→ **Task statement**
Check each line of the entries for "color" and report the ones that have it.

→ **Information**

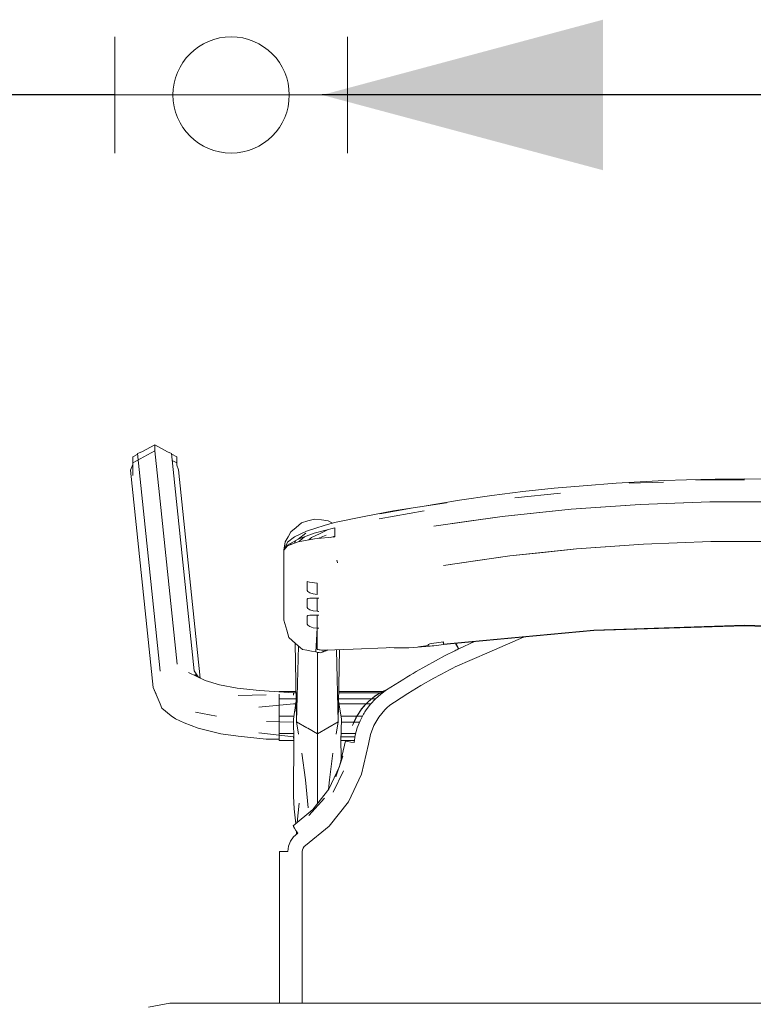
# Model space of a CAD drawing. Header units: millimetres. Extents: x -261 to 187, y -214 to 106.
# Tile 359 of 656: x -190.623 to -190.307, y -78.285 to -77.861. Entities that reach past the tile are written whole.
import ezdxf

# ---------------------------------------------------------------- set-up
doc = ezdxf.new("R2010")
doc.units = ezdxf.units.MM
doc.header["$LTSCALE"] = 0.005
doc.header["$MEASUREMENT"] = 0
for name, color, linetype, lineweight in [('AP-Condutos Ar condicionado', 4, 'Continuous', 25), ('AP-Conexões Ar condicionado', 9, 'Continuous', 18), ('AP-Sentido conduto Ar condicionado', 9, 'Continuous', 30), ('IFC-Elemento de mobília-Contorno', 9, 'Continuous', 5)]:
    doc.layers.add(name, color=color, linetype=linetype, lineweight=lineweight)

msp = doc.modelspace()

# ---------------------------------------------------------------- hatches: boundary and pattern name
at = {"layer": 'AP-Sentido conduto Ar condicionado', "linetype": 'Continuous'}
msp.add_hatch(color=7, dxfattribs=at).paths.add_polyline_path([(-190.49257, -77.89369), (-190.37183, -77.92604), (-190.37183, -77.86133)])

# ---------------------------------------------------------------- linework, layer by layer
at = {"layer": 'AP-Condutos Ar condicionado'}
for p, q in [((-190.58171, -77.89369), (-191.08076, -77.89369)), ((-190.30343, -77.89369), (-190.48171, -77.89369))]:
    msp.add_line(p, q, dxfattribs=at)
at = {"layer": 'AP-Conexões Ar condicionado'}
for p, q in [((-190.58171, -77.91869), (-190.58171, -77.86868)), ((-190.48171, -77.86868), (-190.48171, -77.91869)), ((-190.53171, -77.89369), (-190.58171, -77.89369)), ((-190.53171, -77.89369), (-190.48171, -77.89369))]:
    msp.add_line(p, q, dxfattribs=at)
msp.add_circle((-190.53171, -77.89369), 0.025, dxfattribs=at)
msp.add_circle((-190.53171, -77.89369), 0.025, dxfattribs=at)
at = {"layer": 'AP-Sentido conduto Ar condicionado'}
msp.add_lwpolyline([(-190.29256, -77.89369), (-190.49257, -77.89369)], dxfattribs=at)
at = {"layer": 'IFC-Elemento de mobília-Contorno', "lineweight": 5}
for p, q in [((-190.57006, -78.04707), (-190.56454, -78.044)), ((-190.56454, -78.04659), (-190.56454, -78.044)), ((-190.56454, -78.044), (-190.55904, -78.04707)), ((-190.57397, -78.05185), (-190.56454, -78.04659)), ((-190.57397, -78.04926), (-190.57211, -78.04822)), ((-190.57211, -78.04822), (-190.57195, -78.04785)), ((-190.57195, -78.04785), (-190.57006, -78.04707)), ((-190.57195, -78.04785), (-190.56227, -78.14129)), ((-190.56454, -78.04659), (-190.56445, -78.04664)), ((-190.56445, -78.04664), (-190.56221, -78.06823)), ((-190.55904, -78.04707), (-190.55732, -78.04775)), ((-190.55732, -78.04775), (-190.54764, -78.14119)), ((-190.55732, -78.04775), (-190.55716, -78.04812)), ((-190.55716, -78.04812), (-190.55512, -78.04926)), ((-190.57498, -78.05495), (-190.57397, -78.05259)), ((-190.57397, -78.05185), (-190.57397, -78.04926)), ((-190.57397, -78.0573), (-190.57397, -78.05185)), ((-190.557, -78.0508), (-190.55512, -78.05185)), ((-190.55512, -78.05286), (-190.55512, -78.04926)), ((-190.55512, -78.05185), (-190.55512, -78.04926)), ((-190.55512, -78.05286), (-190.55512, -78.05185)), ((-190.55512, -78.05286), (-190.55429, -78.05481)), ((-190.57498, -78.05495), (-190.5653, -78.14839)), ((-190.55429, -78.05481), (-190.54502, -78.14434)), ((-190.39288, -78.06271), (-190.38032, -78.06163)), ((-190.38032, -78.06163), (-190.36618, -78.0606)), ((-190.36618, -78.0606), (-190.34548, -78.0594)), ((-190.36059, -78.06052), (-190.34577, -78.06007)), ((-190.34548, -78.0594), (-190.33597, -78.05914)), ((-190.33597, -78.05914), (-190.32358, -78.05877)), ((-190.33208, -78.05914), (-190.31102, -78.05914)), ((-190.32358, -78.05877), (-190.31102, -78.05872)), ((-190.31102, -78.05872), (-190.29692, -78.05885)), ((-190.4335, -78.06788), (-190.4196, -78.06584)), ((-190.4196, -78.06584), (-190.40627, -78.06414)), ((-190.40977, -78.0669), (-190.39013, -78.0648)), ((-190.40627, -78.06414), (-190.39288, -78.06271)), ((-190.56221, -78.06823), (-190.55979, -78.09159)), ((-190.45347, -78.07116), (-190.43915, -78.06893)), ((-190.4504, -78.07068), (-190.4335, -78.06788)), ((-190.38559, -78.07174), (-190.35583, -78.06966)), ((-190.37071, -78.0707), (-190.35583, -78.06966)), ((-190.35583, -78.06966), (-190.32597, -78.06862)), ((-190.35583, -78.06966), (-190.3409, -78.06914)), ((-190.3409, -78.06914), (-190.32597, -78.06862)), ((-190.32597, -78.06862), (-190.29608, -78.06862)), ((-190.47378, -78.07478), (-190.46189, -78.07247)), ((-190.46804, -78.07591), (-190.44873, -78.07247)), ((-190.46775, -78.07371), (-190.45347, -78.07116)), ((-190.46189, -78.07247), (-190.45347, -78.07116)), ((-190.4152, -78.07485), (-190.38559, -78.07174)), ((-190.4152, -78.07485), (-190.4004, -78.0733)), ((-190.4004, -78.0733), (-190.38559, -78.07174)), ((-190.38559, -78.07174), (-190.37071, -78.0707)), ((-190.50378, -78.07953), (-190.50152, -78.07764)), ((-190.50152, -78.07764), (-190.49869, -78.0768)), ((-190.49869, -78.0768), (-190.49585, -78.07597)), ((-190.49585, -78.07597), (-190.49291, -78.07632)), ((-190.49291, -78.07632), (-190.48997, -78.07667)), ((-190.49176, -78.07869), (-190.48723, -78.07751)), ((-190.48997, -78.07667), (-190.48812, -78.07774)), ((-190.48723, -78.07751), (-190.47378, -78.07478)), ((-190.44458, -78.07897), (-190.4152, -78.07485)), ((-190.44458, -78.07897), (-190.42962, -78.07687)), ((-190.42962, -78.07687), (-190.4152, -78.07485)), ((-190.50724, -78.08362), (-190.50604, -78.08142)), ((-190.50604, -78.08142), (-190.50378, -78.07953)), ((-190.50446, -78.08364), (-190.49936, -78.0812)), ((-190.50283, -78.08456), (-190.49957, -78.08197)), ((-190.50283, -78.08456), (-190.49595, -78.08205)), ((-190.49936, -78.0812), (-190.49531, -78.07983)), ((-190.49715, -78.08388), (-190.49368, -78.0823)), ((-190.49595, -78.08205), (-190.48719, -78.07979)), ((-190.49531, -78.07983), (-190.49176, -78.07869)), ((-190.49368, -78.0823), (-190.49023, -78.0806)), ((-190.48719, -78.08076), (-190.48719, -78.07979)), ((-190.48719, -78.08173), (-190.48719, -78.08076)), ((-190.48719, -78.0827), (-190.48719, -78.08173)), ((-190.48719, -78.08367), (-190.48719, -78.0827)), ((-190.50902, -78.08937), (-190.50845, -78.08583)), ((-190.50902, -78.08937), (-190.50752, -78.08595)), ((-190.50845, -78.08583), (-190.50724, -78.08362)), ((-190.50752, -78.08595), (-190.50446, -78.08364)), ((-190.50744, -78.08713), (-190.50283, -78.08456)), ((-190.50744, -78.08746), (-190.50289, -78.08576)), ((-190.50686, -78.08681), (-190.50535, -78.08668)), ((-190.50468, -78.08643), (-190.50391, -78.08526)), ((-190.50289, -78.08576), (-190.49588, -78.08446)), ((-190.50246, -78.08568), (-190.50207, -78.08518)), ((-190.50207, -78.08518), (-190.50013, -78.08357)), ((-190.49825, -78.0849), (-190.49715, -78.08388)), ((-190.49588, -78.08446), (-190.48719, -78.08367)), ((-190.49439, -78.08432), (-190.49085, -78.08286)), ((-190.48895, -78.08383), (-190.48719, -78.08332)), ((-190.48793, -78.08353), (-190.48753, -78.0837)), ((-190.38325, -78.08877), (-190.35442, -78.08672)), ((-190.36883, -78.08774), (-190.35442, -78.08672)), ((-190.35442, -78.08672), (-190.3255, -78.08569)), ((-190.35442, -78.08672), (-190.33996, -78.08621)), ((-190.33996, -78.08621), (-190.3255, -78.08569)), ((-190.3255, -78.08569), (-190.29655, -78.08569)), ((-190.50902, -78.08937), (-190.50744, -78.08713)), ((-190.50902, -78.08937), (-190.50816, -78.08833)), ((-190.50902, -78.09689), (-190.50902, -78.08937)), ((-190.50816, -78.08833), (-190.50744, -78.08746)), ((-190.41191, -78.09184), (-190.38325, -78.08877)), ((-190.41191, -78.09184), (-190.39758, -78.09031)), ((-190.39758, -78.09031), (-190.38325, -78.08877)), ((-190.38325, -78.08877), (-190.36883, -78.08774)), ((-190.55979, -78.09159), (-190.55738, -78.11495)), ((-190.48626, -78.09362), (-190.48616, -78.09414)), ((-190.48626, -78.09362), (-190.48605, -78.09472)), ((-190.48616, -78.09414), (-190.48605, -78.09472)), ((-190.44035, -78.0959), (-190.41191, -78.09184)), ((-190.44035, -78.0959), (-190.42574, -78.09381)), ((-190.42574, -78.09381), (-190.41191, -78.09184)), ((-190.50902, -78.1044), (-190.50902, -78.09689)), ((-190.49902, -78.10279), (-190.49799, -78.10307)), ((-190.49902, -78.10375), (-190.49902, -78.10279)), ((-190.49902, -78.10472), (-190.49902, -78.10375)), ((-190.49799, -78.10307), (-190.49693, -78.10328)), ((-190.49693, -78.10328), (-190.49586, -78.10341)), ((-190.49586, -78.10341), (-190.49478, -78.10346)), ((-190.49478, -78.10468), (-190.49478, -78.10346)), ((-190.50902, -78.11192), (-190.50902, -78.1044)), ((-190.49902, -78.10568), (-190.49902, -78.10472)), ((-190.49902, -78.10664), (-190.49902, -78.10568)), ((-190.49902, -78.10664), (-190.49871, -78.1071)), ((-190.49871, -78.1071), (-190.49782, -78.10765)), ((-190.49782, -78.10765), (-190.49647, -78.10811)), ((-190.49647, -78.10811), (-190.49478, -78.10834)), ((-190.49478, -78.1059), (-190.49478, -78.10468)), ((-190.49478, -78.10712), (-190.49478, -78.10589)), ((-190.49478, -78.10834), (-190.49478, -78.10712)), ((-190.50902, -78.11943), (-190.50902, -78.11192)), ((-190.49902, -78.11039), (-190.49871, -78.11012)), ((-190.49902, -78.11127), (-190.49902, -78.11039)), ((-190.49902, -78.11215), (-190.49902, -78.11127)), ((-190.49902, -78.11304), (-190.49902, -78.11215)), ((-190.49871, -78.11012), (-190.49782, -78.11003)), ((-190.49782, -78.11003), (-190.49647, -78.11004)), ((-190.49647, -78.11004), (-190.49478, -78.11003)), ((-190.49478, -78.11143), (-190.49478, -78.11003)), ((-190.49478, -78.11283), (-190.49478, -78.11143)), ((-190.49462, -78.11003), (-190.49402, -78.11003)), ((-190.4944, -78.11003), (-190.49421, -78.11003)), ((-190.49421, -78.11003), (-190.49402, -78.11003)), ((-190.55738, -78.11495), (-190.55496, -78.13831)), ((-190.49902, -78.11392), (-190.49902, -78.11304)), ((-190.49902, -78.11392), (-190.49871, -78.11437)), ((-190.49871, -78.11437), (-190.49782, -78.11492)), ((-190.49782, -78.11492), (-190.49647, -78.11539)), ((-190.49647, -78.11539), (-190.49478, -78.11562)), ((-190.49478, -78.11422), (-190.49478, -78.11283)), ((-190.49478, -78.11562), (-190.49478, -78.11422)), ((-190.49462, -78.11563), (-190.49402, -78.11564)), ((-190.49459, -78.11563), (-190.4944, -78.11563)), ((-190.4944, -78.11563), (-190.49421, -78.11564)), ((-190.49421, -78.11564), (-190.49402, -78.11564)), ((-190.50902, -78.11943), (-190.50778, -78.12371)), ((-190.49902, -78.11767), (-190.49871, -78.1174)), ((-190.49902, -78.11855), (-190.49902, -78.11767)), ((-190.49902, -78.11943), (-190.49902, -78.11855)), ((-190.49902, -78.12032), (-190.49902, -78.11943)), ((-190.49902, -78.1212), (-190.49902, -78.12032)), ((-190.49871, -78.1174), (-190.49782, -78.11731)), ((-190.49782, -78.11731), (-190.49647, -78.11731)), ((-190.49647, -78.11731), (-190.49478, -78.11731)), ((-190.49478, -78.11871), (-190.49478, -78.11731)), ((-190.49478, -78.1201), (-190.49478, -78.11871)), ((-190.49478, -78.1215), (-190.49478, -78.1201)), ((-190.49459, -78.1173), (-190.49402, -78.1173)), ((-190.4944, -78.1173), (-190.49421, -78.1173)), ((-190.49421, -78.1173), (-190.49402, -78.1173)), ((-190.50778, -78.12371), (-190.50688, -78.12683)), ((-190.49902, -78.1212), (-190.49871, -78.12165)), ((-190.49871, -78.12165), (-190.49782, -78.1222)), ((-190.49782, -78.1222), (-190.49647, -78.12266)), ((-190.49647, -78.12266), (-190.49478, -78.1229)), ((-190.49529, -78.1331), (-190.49478, -78.1229)), ((-190.49478, -78.1229), (-190.49478, -78.1215)), ((-190.49478, -78.13206), (-190.49478, -78.1229)), ((-190.49478, -78.1229), (-190.49402, -78.12292)), ((-190.49478, -78.1229), (-190.49459, -78.1229)), ((-190.49459, -78.1229), (-190.4944, -78.12291)), ((-190.4944, -78.12291), (-190.49421, -78.12291)), ((-190.44035, -78.1297), (-190.37582, -78.12367)), ((-190.40811, -78.1269), (-190.37583, -78.12389)), ((-190.37583, -78.12389), (-190.34343, -78.12288)), ((-190.37582, -78.12367), (-190.31102, -78.12165)), ((-190.34343, -78.12288), (-190.31102, -78.12187)), ((-190.31102, -78.12165), (-190.24623, -78.12367)), ((-190.31102, -78.12187), (-190.27862, -78.12288)), ((-190.50688, -78.12683), (-190.50398, -78.12942)), ((-190.50424, -78.12919), (-190.50359, -78.16316)), ((-190.44629, -78.12961), (-190.44548, -78.12941)), ((-190.44548, -78.12941), (-190.44452, -78.12926)), ((-190.44452, -78.12926), (-190.44348, -78.12914)), ((-190.44348, -78.12914), (-190.44244, -78.12902)), ((-190.44244, -78.12902), (-190.4414, -78.12889)), ((-190.4414, -78.12889), (-190.44035, -78.12876)), ((-190.44061, -78.12879), (-190.44038, -78.12992)), ((-190.44061, -78.12879), (-190.44038, -78.12992)), ((-190.44038, -78.12992), (-190.40811, -78.1269)), ((-190.44035, -78.12899), (-190.44035, -78.12876)), ((-190.44035, -78.12923), (-190.44035, -78.12899)), ((-190.44035, -78.12946), (-190.44035, -78.12923)), ((-190.43382, -78.13175), (-190.42706, -78.12867)), ((-190.43382, -78.13175), (-190.42709, -78.12867)), ((-190.42075, -78.13315), (-190.40603, -78.12674)), ((-190.40603, -78.12674), (-190.40587, -78.12669)), ((-190.50398, -78.12942), (-190.50108, -78.13202)), ((-190.50359, -78.16316), (-190.50276, -78.13051)), ((-190.50108, -78.13202), (-190.49915, -78.13238)), ((-190.49915, -78.13238), (-190.49722, -78.13274)), ((-190.49722, -78.13274), (-190.49529, -78.1331)), ((-190.49529, -78.1331), (-190.4948, -78.13319)), ((-190.4948, -78.13319), (-190.49432, -78.13328)), ((-190.49478, -78.13206), (-190.49293, -78.13227)), ((-190.49478, -78.13206), (-190.49432, -78.13211)), ((-190.49462, -78.13465), (-190.49462, -78.13323)), ((-190.49432, -78.13211), (-190.49386, -78.13217)), ((-190.49432, -78.13328), (-190.49384, -78.13337)), ((-190.49386, -78.13217), (-190.49339, -78.13222)), ((-190.49384, -78.13337), (-190.49336, -78.13346)), ((-190.49339, -78.13222), (-190.49293, -78.13227)), ((-190.49336, -78.13346), (-190.49297, -78.13331)), ((-190.49297, -78.13331), (-190.49258, -78.13317)), ((-190.49293, -78.13227), (-190.49108, -78.13226)), ((-190.49293, -78.13227), (-190.49246, -78.13227)), ((-190.49258, -78.13317), (-190.49239, -78.1331)), ((-190.49246, -78.13227), (-190.49223, -78.13227)), ((-190.49239, -78.1331), (-190.4922, -78.13303)), ((-190.49223, -78.13227), (-190.492, -78.13226)), ((-190.4922, -78.13303), (-190.492, -78.13295)), ((-190.492, -78.13226), (-190.49177, -78.13226)), ((-190.492, -78.13295), (-190.49181, -78.13289)), ((-190.49181, -78.13289), (-190.49161, -78.13281)), ((-190.49177, -78.13226), (-190.49154, -78.13226)), ((-190.49161, -78.13281), (-190.49142, -78.13274)), ((-190.49154, -78.13226), (-190.49131, -78.13226)), ((-190.49142, -78.13274), (-190.49123, -78.13267)), ((-190.49131, -78.13226), (-190.49108, -78.13226)), ((-190.49123, -78.13267), (-190.49103, -78.13259)), ((-190.49108, -78.13226), (-190.47918, -78.13193)), ((-190.49103, -78.13259), (-190.49084, -78.13252)), ((-190.49084, -78.13252), (-190.49065, -78.13245)), ((-190.49065, -78.13245), (-190.49045, -78.13238)), ((-190.49045, -78.13238), (-190.49026, -78.1323)), ((-190.49026, -78.1323), (-190.49017, -78.13223)), ((-190.48644, -78.13213), (-190.48566, -78.16316)), ((-190.48566, -78.16316), (-190.48506, -78.13209)), ((-190.47918, -78.13193), (-190.4651, -78.13135)), ((-190.4651, -78.13135), (-190.46359, -78.13119)), ((-190.46359, -78.13119), (-190.46157, -78.13126)), ((-190.46157, -78.13126), (-190.4595, -78.1313)), ((-190.4595, -78.1313), (-190.45739, -78.13131)), ((-190.45739, -78.13131), (-190.45525, -78.13128)), ((-190.45532, -78.13128), (-190.45531, -78.13133)), ((-190.45531, -78.13133), (-190.4461, -78.13057)), ((-190.45531, -78.13133), (-190.45525, -78.13128)), ((-190.45111, -78.13089), (-190.44702, -78.13037)), ((-190.45111, -78.13089), (-190.44697, -78.13047)), ((-190.44702, -78.13006), (-190.44683, -78.12984)), ((-190.44702, -78.13014), (-190.44702, -78.13006)), ((-190.44702, -78.13021), (-190.44702, -78.13014)), ((-190.44702, -78.13029), (-190.44702, -78.13021)), ((-190.44702, -78.13037), (-190.44702, -78.13029)), ((-190.44697, -78.13047), (-190.44666, -78.13057)), ((-190.44683, -78.12984), (-190.44629, -78.12961)), ((-190.44666, -78.13057), (-190.4461, -78.13057)), ((-190.4461, -78.13057), (-190.44536, -78.13051)), ((-190.44536, -78.13051), (-190.44452, -78.13041)), ((-190.44452, -78.13041), (-190.44349, -78.13029)), ((-190.44349, -78.13029), (-190.44245, -78.13017)), ((-190.44245, -78.13017), (-190.44142, -78.13004)), ((-190.44142, -78.13004), (-190.44038, -78.12992)), ((-190.44035, -78.1297), (-190.44035, -78.12946)), ((-190.43969, -78.13469), (-190.43548, -78.13256)), ((-190.43548, -78.13256), (-190.43507, -78.13236)), ((-190.43546, -78.13956), (-190.42075, -78.13315)), ((-190.4352, -78.12943), (-190.43507, -78.12971)), ((-190.43507, -78.12971), (-190.43446, -78.13094)), ((-190.43507, -78.13236), (-190.43465, -78.13215)), ((-190.435, -78.12941), (-190.43447, -78.13044)), ((-190.43465, -78.13215), (-190.43424, -78.13195)), ((-190.43447, -78.13044), (-190.43382, -78.13175)), ((-190.43446, -78.13094), (-190.43427, -78.13084)), ((-190.43446, -78.13094), (-190.43427, -78.13084)), ((-190.43446, -78.13094), (-190.43401, -78.13184)), ((-190.43424, -78.13195), (-190.43382, -78.13175)), ((-190.49462, -78.15143), (-190.49462, -78.13465)), ((-190.448, -78.13915), (-190.44386, -78.13688)), ((-190.44386, -78.13688), (-190.43969, -78.13469)), ((-190.55006, -78.14197), (-190.54288, -78.14535)), ((-190.54764, -78.14119), (-190.54588, -78.14381)), ((-190.45346, -78.14229), (-190.45211, -78.14149)), ((-190.45211, -78.14149), (-190.448, -78.13915)), ((-190.44454, -78.14438), (-190.43911, -78.14145)), ((-190.43911, -78.14145), (-190.43819, -78.14097)), ((-190.43819, -78.14097), (-190.43728, -78.14049)), ((-190.43728, -78.14049), (-190.43637, -78.14003)), ((-190.43637, -78.14003), (-190.43546, -78.13956)), ((-190.54731, -78.14274), (-190.54544, -78.14414)), ((-190.54288, -78.14535), (-190.53678, -78.14721)), ((-190.46122, -78.14707), (-190.45936, -78.14591)), ((-190.45936, -78.14591), (-190.4575, -78.14476)), ((-190.4575, -78.14476), (-190.45614, -78.14393)), ((-190.45614, -78.14393), (-190.4548, -78.1431)), ((-190.4548, -78.1431), (-190.45346, -78.14229)), ((-190.45009, -78.14755), (-190.44454, -78.14438)), ((-190.5653, -78.14839), (-190.56388, -78.15131)), ((-190.5653, -78.14839), (-190.56227, -78.15545)), ((-190.53678, -78.14721), (-190.52905, -78.14868)), ((-190.52905, -78.14868), (-190.51955, -78.14971)), ((-190.51955, -78.14971), (-190.50497, -78.15062)), ((-190.51112, -78.15023), (-190.51112, -78.15014)), ((-190.51112, -78.15014), (-190.50384, -78.15014)), ((-190.48541, -78.15014), (-190.46666, -78.15014)), ((-190.46793, -78.15087), (-190.4648, -78.14937)), ((-190.46793, -78.15087), (-190.46629, -78.14992)), ((-190.46739, -78.15124), (-190.4649, -78.14944)), ((-190.46639, -78.15014), (-190.46587, -78.15014)), ((-190.46629, -78.14992), (-190.4646, -78.14924)), ((-190.4649, -78.14944), (-190.46306, -78.14825)), ((-190.46306, -78.14825), (-190.46122, -78.14707)), ((-190.45575, -78.15096), (-190.45009, -78.14755)), ((-190.52871, -78.15188), (-190.51666, -78.15156)), ((-190.51112, -78.15327), (-190.51112, -78.1512)), ((-190.51112, -78.15327), (-190.50378, -78.15327)), ((-190.51112, -78.16072), (-190.51112, -78.15327)), ((-190.50497, -78.1517), (-190.50497, -78.15062)), ((-190.50497, -78.15062), (-190.50383, -78.15062)), ((-190.50497, -78.16199), (-190.50376, -78.15416)), ((-190.49462, -78.16823), (-190.49462, -78.15143)), ((-190.48549, -78.15416), (-190.48428, -78.16199)), ((-190.48547, -78.15327), (-190.47134, -78.15327)), ((-190.48542, -78.15062), (-190.46749, -78.15062)), ((-190.4744, -78.15615), (-190.47239, -78.15413)), ((-190.4744, -78.15615), (-190.47287, -78.15452)), ((-190.47287, -78.15452), (-190.46976, -78.15197)), ((-190.47244, -78.15417), (-190.47028, -78.15242)), ((-190.47176, -78.15552), (-190.46968, -78.15327)), ((-190.47133, -78.15327), (-190.46967, -78.15327)), ((-190.47028, -78.15242), (-190.46793, -78.15087)), ((-190.46976, -78.15197), (-190.46793, -78.15087)), ((-190.46968, -78.15327), (-190.46739, -78.15124)), ((-190.46817, -78.15103), (-190.46779, -78.15081)), ((-190.4674, -78.15062), (-190.46653, -78.15062)), ((-190.46265, -78.1554), (-190.46152, -78.15462)), ((-190.46152, -78.15462), (-190.45575, -78.15096)), ((-190.56227, -78.15545), (-190.56151, -78.15725)), ((-190.56151, -78.15725), (-190.55754, -78.16054)), ((-190.54709, -78.15892), (-190.53801, -78.16076)), ((-190.51987, -78.15682), (-190.50497, -78.1554)), ((-190.50497, -78.1554), (-190.50395, -78.1554)), ((-190.48529, -78.1554), (-190.4737, -78.1554)), ((-190.47754, -78.16051), (-190.476, -78.15815)), ((-190.47715, -78.15983), (-190.47613, -78.15831)), ((-190.47613, -78.15831), (-190.4744, -78.15615)), ((-190.47613, -78.15831), (-190.47563, -78.15758)), ((-190.47563, -78.15758), (-190.4744, -78.15615)), ((-190.47486, -78.15673), (-190.47376, -78.15551)), ((-190.47455, -78.15936), (-190.47425, -78.15889)), ((-190.47425, -78.15889), (-190.47394, -78.15843)), ((-190.47394, -78.15843), (-190.47362, -78.15796)), ((-190.47367, -78.15802), (-190.47176, -78.15552)), ((-190.47366, -78.1554), (-190.47166, -78.1554)), ((-190.46828, -78.16115), (-190.4656, -78.15795)), ((-190.4656, -78.15795), (-190.46465, -78.15704)), ((-190.46465, -78.15704), (-190.46365, -78.15618)), ((-190.46365, -78.15618), (-190.46261, -78.15538)), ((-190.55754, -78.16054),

→ **Your response**
for name, color, linetype, lineweight in [('AP-Condutos Ar condicionado', 4, 'Continuous', 25), ('AP-Conexões Ar condicionado', 9, 'Continuous', 18), ('AP-Sentido conduto Ar condicionado', 9, 'Continuous', 30), ('IFC-Elemento de mobília-Contorno', 9, 'Continuous', 5)]:
    doc.layers.add(name, color=color, linetype=linetype, lineweight=lineweight)
msp.add_hatch(color=7, dxfattribs=at).paths.add_polyline_path([(-190.49257, -77.89369), (-190.37183, -77.92604), (-190.37183, -77.86133)])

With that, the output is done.